Problem to solve >>
Take the records below and retype them line by line, from the first line through the one containing "have other attributes;"; stop there.

Dataset extract >>
>>>>>
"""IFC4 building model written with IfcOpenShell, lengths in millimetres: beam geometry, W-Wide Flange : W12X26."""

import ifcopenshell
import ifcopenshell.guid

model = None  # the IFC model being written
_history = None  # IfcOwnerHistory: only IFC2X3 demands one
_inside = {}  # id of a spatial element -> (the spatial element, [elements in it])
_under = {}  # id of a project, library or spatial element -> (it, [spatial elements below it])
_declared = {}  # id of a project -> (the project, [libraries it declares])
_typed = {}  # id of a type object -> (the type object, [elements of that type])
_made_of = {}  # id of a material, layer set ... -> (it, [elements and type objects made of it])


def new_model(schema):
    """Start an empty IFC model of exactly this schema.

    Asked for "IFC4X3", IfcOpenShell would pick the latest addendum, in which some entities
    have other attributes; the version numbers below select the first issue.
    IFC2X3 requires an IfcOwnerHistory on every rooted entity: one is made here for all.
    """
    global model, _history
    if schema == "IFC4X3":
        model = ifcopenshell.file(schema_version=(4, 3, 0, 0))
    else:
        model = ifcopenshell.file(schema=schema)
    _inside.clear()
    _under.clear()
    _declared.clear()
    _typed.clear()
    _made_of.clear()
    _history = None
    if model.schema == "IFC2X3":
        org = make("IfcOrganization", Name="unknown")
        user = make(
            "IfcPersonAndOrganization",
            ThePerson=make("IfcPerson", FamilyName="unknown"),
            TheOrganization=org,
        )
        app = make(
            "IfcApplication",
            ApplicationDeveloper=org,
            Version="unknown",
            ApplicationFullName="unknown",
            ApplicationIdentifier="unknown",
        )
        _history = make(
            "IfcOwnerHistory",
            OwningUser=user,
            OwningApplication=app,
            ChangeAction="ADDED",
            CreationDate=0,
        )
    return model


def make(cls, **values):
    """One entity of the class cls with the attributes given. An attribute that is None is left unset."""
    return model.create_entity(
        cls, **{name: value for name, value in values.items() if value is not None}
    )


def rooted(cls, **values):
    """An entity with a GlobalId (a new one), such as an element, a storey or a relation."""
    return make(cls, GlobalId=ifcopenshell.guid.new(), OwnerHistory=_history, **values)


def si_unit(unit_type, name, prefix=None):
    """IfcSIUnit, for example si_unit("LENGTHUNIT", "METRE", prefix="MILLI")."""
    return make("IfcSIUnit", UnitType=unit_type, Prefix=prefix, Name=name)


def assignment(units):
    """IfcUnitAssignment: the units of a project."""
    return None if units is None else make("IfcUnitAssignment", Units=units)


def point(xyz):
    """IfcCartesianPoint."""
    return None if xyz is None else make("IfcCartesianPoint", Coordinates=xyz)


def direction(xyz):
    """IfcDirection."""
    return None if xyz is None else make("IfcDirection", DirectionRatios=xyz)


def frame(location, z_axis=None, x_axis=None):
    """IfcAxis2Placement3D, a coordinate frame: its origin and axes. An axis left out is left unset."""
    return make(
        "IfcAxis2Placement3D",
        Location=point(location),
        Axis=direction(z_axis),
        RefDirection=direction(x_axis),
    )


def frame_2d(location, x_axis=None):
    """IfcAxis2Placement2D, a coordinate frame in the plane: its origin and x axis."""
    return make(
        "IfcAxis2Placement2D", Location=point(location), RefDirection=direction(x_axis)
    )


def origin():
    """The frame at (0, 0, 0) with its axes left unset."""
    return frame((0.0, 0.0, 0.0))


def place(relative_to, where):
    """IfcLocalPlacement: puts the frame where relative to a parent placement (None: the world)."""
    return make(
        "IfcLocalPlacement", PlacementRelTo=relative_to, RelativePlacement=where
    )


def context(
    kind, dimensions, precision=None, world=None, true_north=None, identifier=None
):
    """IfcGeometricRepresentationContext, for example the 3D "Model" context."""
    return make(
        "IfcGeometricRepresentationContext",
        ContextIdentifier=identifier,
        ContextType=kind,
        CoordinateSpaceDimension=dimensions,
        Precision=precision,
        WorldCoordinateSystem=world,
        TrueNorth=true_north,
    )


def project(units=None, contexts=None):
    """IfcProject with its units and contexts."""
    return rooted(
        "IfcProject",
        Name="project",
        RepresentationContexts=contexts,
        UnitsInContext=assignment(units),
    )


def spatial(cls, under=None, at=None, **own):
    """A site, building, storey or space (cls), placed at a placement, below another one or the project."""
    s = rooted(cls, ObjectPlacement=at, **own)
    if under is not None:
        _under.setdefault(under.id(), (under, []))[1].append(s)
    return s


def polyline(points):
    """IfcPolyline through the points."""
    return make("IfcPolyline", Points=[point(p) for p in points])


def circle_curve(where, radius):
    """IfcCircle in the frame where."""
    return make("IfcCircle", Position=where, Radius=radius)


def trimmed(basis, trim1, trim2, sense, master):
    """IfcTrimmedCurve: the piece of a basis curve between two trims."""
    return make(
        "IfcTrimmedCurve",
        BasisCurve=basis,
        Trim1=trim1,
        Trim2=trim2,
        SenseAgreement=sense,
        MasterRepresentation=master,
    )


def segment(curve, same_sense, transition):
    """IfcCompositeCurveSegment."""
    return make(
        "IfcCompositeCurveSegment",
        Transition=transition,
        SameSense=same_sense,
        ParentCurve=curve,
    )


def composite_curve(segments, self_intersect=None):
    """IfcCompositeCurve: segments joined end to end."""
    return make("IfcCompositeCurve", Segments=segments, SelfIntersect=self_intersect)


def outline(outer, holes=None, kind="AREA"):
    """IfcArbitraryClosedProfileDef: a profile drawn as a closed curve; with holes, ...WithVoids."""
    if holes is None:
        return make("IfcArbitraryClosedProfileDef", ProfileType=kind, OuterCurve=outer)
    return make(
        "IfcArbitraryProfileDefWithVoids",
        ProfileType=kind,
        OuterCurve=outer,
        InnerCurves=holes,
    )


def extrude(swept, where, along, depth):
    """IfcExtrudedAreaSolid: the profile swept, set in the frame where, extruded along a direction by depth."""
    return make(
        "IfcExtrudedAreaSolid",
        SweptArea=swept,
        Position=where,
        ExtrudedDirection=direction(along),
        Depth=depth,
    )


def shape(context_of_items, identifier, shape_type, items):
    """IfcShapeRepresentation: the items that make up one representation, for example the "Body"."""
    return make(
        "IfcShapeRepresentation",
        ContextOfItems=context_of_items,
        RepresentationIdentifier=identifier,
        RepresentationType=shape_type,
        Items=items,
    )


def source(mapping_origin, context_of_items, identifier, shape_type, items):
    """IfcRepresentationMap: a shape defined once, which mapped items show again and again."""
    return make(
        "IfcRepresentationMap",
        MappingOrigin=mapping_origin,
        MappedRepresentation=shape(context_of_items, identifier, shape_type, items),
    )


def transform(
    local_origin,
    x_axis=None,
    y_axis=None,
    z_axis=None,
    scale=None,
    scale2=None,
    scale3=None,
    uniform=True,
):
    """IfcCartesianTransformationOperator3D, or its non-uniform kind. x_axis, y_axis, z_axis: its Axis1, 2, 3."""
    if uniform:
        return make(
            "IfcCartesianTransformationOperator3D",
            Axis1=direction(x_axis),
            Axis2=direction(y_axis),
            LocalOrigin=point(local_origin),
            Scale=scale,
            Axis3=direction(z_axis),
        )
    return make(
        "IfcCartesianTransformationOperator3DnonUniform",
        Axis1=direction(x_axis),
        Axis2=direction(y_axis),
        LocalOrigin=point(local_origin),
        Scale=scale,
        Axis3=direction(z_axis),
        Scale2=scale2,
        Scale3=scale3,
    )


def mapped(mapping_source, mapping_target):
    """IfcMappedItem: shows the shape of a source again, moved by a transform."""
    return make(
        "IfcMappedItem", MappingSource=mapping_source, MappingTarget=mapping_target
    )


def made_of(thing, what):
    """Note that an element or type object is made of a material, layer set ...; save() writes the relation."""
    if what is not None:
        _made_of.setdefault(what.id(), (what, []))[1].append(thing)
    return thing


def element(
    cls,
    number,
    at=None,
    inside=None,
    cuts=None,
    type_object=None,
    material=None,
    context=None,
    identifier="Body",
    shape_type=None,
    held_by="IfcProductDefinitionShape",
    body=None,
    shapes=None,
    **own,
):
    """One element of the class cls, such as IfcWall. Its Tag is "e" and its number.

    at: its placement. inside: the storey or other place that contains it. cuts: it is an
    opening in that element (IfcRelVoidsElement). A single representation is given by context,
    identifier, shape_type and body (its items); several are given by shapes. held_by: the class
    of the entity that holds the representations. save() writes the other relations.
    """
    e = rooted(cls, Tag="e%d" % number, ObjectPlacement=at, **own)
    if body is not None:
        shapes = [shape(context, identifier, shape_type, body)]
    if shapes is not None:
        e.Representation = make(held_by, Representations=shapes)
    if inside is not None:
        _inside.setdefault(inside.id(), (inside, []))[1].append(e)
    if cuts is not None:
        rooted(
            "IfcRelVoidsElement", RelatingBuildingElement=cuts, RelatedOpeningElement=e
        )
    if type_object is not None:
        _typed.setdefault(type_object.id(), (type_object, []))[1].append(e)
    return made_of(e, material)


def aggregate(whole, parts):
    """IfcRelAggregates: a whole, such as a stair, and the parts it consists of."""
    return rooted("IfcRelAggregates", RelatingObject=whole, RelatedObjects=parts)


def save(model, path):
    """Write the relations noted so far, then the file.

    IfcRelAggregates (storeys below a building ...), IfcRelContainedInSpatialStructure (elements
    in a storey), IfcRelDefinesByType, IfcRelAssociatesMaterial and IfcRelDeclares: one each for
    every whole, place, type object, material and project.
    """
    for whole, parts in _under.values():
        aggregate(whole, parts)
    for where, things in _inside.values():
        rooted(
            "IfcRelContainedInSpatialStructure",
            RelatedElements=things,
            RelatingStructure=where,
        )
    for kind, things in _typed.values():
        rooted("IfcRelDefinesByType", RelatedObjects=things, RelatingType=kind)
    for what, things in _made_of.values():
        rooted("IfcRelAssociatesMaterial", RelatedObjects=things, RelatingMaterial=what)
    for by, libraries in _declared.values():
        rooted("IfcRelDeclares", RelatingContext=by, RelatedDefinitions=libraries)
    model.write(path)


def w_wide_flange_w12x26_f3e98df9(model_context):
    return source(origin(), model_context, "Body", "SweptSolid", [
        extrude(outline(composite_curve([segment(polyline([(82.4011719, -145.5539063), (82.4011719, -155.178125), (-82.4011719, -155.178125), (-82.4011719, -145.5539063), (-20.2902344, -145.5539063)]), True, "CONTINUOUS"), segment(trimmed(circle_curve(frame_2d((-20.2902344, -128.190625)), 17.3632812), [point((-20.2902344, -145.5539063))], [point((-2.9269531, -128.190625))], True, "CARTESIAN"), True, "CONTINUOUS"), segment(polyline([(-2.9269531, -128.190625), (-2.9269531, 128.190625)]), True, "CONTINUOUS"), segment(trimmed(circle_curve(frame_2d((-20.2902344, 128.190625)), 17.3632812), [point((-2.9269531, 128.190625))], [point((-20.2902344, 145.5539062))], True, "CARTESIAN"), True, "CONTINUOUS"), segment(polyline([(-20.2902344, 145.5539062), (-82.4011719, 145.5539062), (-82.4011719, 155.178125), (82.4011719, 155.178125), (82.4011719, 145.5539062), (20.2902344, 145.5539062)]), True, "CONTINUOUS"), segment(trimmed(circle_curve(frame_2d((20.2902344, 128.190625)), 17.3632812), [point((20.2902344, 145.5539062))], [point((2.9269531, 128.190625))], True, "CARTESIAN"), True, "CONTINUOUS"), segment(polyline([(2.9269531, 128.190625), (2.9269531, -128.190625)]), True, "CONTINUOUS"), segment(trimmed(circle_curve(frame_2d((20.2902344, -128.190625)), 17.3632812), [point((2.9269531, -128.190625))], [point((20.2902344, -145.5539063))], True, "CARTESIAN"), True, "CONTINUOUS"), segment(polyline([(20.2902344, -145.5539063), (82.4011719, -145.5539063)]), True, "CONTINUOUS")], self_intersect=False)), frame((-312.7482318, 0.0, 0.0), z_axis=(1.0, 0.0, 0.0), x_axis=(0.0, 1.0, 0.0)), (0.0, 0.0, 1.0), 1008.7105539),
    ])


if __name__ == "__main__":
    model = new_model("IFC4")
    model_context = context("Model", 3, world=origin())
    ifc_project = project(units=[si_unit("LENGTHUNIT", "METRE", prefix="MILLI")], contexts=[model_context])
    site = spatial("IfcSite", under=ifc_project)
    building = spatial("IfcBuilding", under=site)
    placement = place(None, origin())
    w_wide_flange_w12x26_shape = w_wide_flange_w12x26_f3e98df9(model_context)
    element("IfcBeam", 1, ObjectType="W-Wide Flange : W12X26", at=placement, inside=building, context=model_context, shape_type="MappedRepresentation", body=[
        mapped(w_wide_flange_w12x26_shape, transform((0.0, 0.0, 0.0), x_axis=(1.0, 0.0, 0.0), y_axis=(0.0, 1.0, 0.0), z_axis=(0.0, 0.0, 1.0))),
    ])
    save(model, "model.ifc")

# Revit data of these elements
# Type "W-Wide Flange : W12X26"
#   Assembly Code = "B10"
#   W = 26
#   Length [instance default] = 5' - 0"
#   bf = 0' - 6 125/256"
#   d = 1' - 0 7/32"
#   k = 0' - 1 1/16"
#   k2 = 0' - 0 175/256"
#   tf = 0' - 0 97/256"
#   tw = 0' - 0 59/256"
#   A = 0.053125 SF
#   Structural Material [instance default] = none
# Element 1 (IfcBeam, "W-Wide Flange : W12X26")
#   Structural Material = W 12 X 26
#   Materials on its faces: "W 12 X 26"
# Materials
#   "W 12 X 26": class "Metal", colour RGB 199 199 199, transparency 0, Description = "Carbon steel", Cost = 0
<<<<<
Exercise output >>
"""IFC4 building model written with IfcOpenShell, lengths in millimetres: beam geometry, W-Wide Flange : W12X26."""

import ifcopenshell
import ifcopenshell.guid

model = None  # the IFC model being written
_history = None  # IfcOwnerHistory: only IFC2X3 demands one
_inside = {}  # id of a spatial element -> (the spatial element, [elements in it])
_under = {}  # id of a project, library or spatial element -> (it, [spatial elements below it])
_declared = {}  # id of a project -> (the project, [libraries it declares])
_typed = {}  # id of a type object -> (the type object, [elements of that type])
_made_of = {}  # id of a material, layer set ... -> (it, [elements and type objects made of it])


def new_model(schema):
    """Start an empty IFC model of exactly this schema.

    Asked for "IFC4X3", IfcOpenShell would pick the latest addendum, in which some entities
    have other attributes; the version numbers below select the first issue.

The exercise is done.